### Exercise requirements
Exclude pictures and give again exactly the lines of the listing, beginning with its first line and ending with the one that contains "doc.units = 0".

### Record excerpts
__________________________________________________
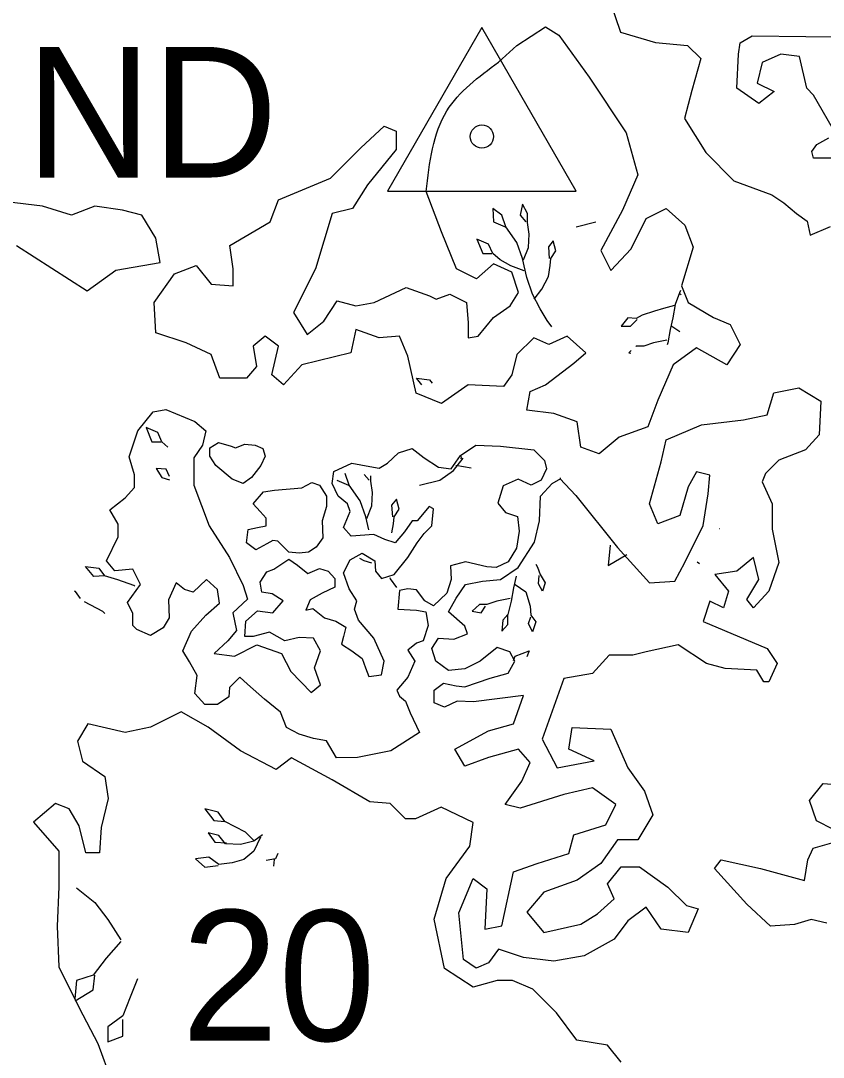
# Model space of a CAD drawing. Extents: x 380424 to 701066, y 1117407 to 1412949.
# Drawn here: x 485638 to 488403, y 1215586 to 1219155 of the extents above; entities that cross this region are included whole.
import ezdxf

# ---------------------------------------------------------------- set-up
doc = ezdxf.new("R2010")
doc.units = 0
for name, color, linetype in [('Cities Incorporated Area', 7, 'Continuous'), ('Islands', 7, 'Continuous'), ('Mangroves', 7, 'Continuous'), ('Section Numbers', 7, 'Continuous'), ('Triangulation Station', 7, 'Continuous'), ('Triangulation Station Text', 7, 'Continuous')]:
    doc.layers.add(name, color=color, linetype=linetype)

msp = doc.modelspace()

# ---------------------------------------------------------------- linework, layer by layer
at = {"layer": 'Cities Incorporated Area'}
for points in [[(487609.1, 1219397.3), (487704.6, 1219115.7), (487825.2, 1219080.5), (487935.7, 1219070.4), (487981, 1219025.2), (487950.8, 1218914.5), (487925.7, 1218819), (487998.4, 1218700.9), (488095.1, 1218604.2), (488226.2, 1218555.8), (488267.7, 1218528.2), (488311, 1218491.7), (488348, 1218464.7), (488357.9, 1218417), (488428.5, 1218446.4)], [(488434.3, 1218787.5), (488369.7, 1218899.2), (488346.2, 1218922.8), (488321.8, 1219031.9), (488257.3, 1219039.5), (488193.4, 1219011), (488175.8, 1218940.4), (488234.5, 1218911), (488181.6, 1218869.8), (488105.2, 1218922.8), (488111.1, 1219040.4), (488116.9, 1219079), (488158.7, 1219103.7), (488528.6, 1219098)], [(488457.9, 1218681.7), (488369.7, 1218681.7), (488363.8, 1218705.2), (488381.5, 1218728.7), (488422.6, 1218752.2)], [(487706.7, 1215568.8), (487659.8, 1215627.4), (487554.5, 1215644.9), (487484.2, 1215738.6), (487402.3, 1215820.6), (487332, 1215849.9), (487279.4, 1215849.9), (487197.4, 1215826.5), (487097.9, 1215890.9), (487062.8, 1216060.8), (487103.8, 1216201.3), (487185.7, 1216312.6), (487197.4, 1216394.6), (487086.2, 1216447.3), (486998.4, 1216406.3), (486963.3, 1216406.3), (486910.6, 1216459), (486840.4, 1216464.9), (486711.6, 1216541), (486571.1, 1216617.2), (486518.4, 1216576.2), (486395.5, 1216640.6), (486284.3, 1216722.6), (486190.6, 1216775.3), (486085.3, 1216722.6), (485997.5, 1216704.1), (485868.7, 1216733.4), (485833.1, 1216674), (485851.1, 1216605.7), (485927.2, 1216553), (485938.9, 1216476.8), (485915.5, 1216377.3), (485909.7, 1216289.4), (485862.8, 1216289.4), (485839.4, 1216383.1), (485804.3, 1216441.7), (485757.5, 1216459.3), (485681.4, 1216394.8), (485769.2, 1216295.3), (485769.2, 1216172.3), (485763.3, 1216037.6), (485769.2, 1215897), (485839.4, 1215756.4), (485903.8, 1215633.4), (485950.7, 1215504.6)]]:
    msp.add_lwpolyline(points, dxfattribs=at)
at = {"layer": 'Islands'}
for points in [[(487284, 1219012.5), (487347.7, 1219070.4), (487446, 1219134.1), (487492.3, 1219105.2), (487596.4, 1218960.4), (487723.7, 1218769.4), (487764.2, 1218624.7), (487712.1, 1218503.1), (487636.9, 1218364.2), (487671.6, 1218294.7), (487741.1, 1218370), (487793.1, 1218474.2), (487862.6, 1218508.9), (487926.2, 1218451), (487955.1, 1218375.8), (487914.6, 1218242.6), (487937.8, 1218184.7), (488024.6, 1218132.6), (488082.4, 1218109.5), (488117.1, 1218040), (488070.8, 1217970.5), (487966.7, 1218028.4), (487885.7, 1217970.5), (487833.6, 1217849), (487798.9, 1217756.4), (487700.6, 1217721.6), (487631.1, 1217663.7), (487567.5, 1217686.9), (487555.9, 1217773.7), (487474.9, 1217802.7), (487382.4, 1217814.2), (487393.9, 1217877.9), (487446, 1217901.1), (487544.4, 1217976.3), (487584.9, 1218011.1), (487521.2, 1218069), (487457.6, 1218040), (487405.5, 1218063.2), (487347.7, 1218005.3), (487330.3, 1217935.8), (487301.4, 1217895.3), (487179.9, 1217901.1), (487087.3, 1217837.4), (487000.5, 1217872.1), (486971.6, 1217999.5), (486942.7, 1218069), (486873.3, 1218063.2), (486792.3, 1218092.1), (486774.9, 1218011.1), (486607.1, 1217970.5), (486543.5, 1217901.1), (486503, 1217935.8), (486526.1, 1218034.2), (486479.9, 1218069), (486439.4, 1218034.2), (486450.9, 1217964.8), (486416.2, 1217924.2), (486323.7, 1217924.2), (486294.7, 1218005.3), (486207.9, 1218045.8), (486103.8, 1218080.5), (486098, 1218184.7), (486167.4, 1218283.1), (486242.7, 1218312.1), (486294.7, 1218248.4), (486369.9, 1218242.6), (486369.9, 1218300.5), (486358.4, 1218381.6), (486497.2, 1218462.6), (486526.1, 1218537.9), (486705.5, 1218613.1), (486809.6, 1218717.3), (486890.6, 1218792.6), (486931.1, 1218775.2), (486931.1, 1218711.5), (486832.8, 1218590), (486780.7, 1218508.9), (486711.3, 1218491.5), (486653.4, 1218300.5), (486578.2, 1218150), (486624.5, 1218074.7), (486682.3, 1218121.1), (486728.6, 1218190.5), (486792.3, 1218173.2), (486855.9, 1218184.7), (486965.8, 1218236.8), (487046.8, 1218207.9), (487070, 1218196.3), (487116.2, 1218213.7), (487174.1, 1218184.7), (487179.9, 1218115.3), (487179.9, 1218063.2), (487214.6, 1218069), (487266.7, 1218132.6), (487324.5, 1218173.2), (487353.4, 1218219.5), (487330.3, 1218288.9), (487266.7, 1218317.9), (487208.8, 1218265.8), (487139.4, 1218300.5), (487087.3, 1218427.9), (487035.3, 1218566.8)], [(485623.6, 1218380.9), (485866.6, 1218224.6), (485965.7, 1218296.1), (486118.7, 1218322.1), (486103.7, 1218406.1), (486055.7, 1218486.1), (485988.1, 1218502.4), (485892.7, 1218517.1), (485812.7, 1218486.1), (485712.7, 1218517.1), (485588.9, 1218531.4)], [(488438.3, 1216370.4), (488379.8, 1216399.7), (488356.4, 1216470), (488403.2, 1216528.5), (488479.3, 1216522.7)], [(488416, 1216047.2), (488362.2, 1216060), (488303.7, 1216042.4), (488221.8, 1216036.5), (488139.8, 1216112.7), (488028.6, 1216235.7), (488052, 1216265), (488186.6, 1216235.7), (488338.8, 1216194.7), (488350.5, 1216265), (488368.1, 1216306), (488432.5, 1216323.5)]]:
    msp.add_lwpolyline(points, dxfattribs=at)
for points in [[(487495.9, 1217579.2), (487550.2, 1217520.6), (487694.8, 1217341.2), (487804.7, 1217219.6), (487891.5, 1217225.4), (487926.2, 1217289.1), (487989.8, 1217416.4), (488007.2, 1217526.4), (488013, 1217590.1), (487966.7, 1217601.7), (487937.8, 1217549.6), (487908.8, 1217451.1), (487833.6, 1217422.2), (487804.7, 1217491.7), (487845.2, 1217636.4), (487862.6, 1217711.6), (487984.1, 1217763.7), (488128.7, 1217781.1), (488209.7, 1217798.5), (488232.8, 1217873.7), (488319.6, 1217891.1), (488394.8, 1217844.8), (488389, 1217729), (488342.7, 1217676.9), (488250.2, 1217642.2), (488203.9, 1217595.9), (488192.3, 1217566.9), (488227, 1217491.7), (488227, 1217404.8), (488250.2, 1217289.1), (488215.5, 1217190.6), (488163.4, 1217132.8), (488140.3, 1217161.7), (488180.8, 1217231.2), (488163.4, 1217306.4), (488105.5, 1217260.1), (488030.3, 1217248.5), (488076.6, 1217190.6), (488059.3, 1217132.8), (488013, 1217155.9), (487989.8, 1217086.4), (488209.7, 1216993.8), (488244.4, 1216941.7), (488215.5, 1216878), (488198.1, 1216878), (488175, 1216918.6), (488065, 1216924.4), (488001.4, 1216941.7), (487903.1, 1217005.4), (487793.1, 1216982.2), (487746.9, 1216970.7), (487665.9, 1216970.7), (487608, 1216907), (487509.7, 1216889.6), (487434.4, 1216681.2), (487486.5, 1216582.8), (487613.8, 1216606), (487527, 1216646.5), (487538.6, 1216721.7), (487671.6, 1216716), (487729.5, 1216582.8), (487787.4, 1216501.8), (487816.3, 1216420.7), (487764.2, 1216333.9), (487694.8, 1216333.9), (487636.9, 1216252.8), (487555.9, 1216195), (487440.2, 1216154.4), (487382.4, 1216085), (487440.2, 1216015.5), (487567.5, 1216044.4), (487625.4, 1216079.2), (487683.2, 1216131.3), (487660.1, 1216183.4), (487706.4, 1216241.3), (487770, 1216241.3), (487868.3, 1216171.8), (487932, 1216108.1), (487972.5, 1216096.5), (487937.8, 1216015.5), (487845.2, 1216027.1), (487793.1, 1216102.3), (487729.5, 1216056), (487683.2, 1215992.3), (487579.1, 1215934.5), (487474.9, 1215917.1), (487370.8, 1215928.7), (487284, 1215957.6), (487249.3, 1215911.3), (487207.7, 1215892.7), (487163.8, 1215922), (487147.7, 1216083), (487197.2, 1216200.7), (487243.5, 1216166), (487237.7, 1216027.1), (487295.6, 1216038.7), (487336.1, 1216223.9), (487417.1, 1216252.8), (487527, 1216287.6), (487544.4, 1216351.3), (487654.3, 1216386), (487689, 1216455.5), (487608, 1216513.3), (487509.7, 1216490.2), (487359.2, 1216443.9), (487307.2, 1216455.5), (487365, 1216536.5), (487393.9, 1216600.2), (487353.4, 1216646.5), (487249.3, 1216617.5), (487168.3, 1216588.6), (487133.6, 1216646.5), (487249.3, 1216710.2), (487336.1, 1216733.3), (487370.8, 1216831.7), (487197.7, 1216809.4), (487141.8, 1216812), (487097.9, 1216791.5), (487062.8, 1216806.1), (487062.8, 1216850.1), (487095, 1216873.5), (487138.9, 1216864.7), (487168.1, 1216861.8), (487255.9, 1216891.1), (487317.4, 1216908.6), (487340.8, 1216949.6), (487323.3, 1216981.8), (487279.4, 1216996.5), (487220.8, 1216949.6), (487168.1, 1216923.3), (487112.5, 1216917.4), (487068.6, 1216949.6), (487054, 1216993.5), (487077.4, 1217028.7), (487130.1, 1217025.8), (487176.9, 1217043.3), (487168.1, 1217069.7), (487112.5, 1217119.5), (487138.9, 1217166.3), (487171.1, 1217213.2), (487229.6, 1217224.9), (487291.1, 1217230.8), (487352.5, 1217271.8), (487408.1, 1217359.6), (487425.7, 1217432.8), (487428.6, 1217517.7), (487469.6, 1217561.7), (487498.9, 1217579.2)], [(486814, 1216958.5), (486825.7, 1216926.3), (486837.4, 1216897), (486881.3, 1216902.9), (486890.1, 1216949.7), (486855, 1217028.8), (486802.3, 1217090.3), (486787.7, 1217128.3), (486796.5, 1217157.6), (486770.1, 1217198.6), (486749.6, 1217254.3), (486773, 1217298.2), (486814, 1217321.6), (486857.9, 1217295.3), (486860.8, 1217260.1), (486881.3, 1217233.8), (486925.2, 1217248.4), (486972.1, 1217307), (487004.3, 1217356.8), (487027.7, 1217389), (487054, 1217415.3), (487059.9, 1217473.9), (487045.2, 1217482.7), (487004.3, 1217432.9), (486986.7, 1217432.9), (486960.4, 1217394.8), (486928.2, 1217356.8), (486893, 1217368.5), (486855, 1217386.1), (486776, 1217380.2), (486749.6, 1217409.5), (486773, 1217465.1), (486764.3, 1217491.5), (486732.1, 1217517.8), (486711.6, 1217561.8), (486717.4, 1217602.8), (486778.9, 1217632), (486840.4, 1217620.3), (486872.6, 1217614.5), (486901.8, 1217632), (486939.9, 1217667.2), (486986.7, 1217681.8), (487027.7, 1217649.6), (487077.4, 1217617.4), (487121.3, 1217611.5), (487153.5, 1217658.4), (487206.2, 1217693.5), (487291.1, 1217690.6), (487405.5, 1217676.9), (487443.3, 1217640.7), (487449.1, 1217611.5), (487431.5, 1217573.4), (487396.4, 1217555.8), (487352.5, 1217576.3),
__________________________________________________
### Task output
# Model space of a CAD drawing. Extents: x 380424 to 701066, y 1117407 to 1412949.
# Drawn here: x 485638 to 488403, y 1215586 to 1219155 of the extents above; entities that cross this region are included whole.
import ezdxf

# ---------------------------------------------------------------- set-up
doc = ezdxf.new("R2010")
doc.units = 0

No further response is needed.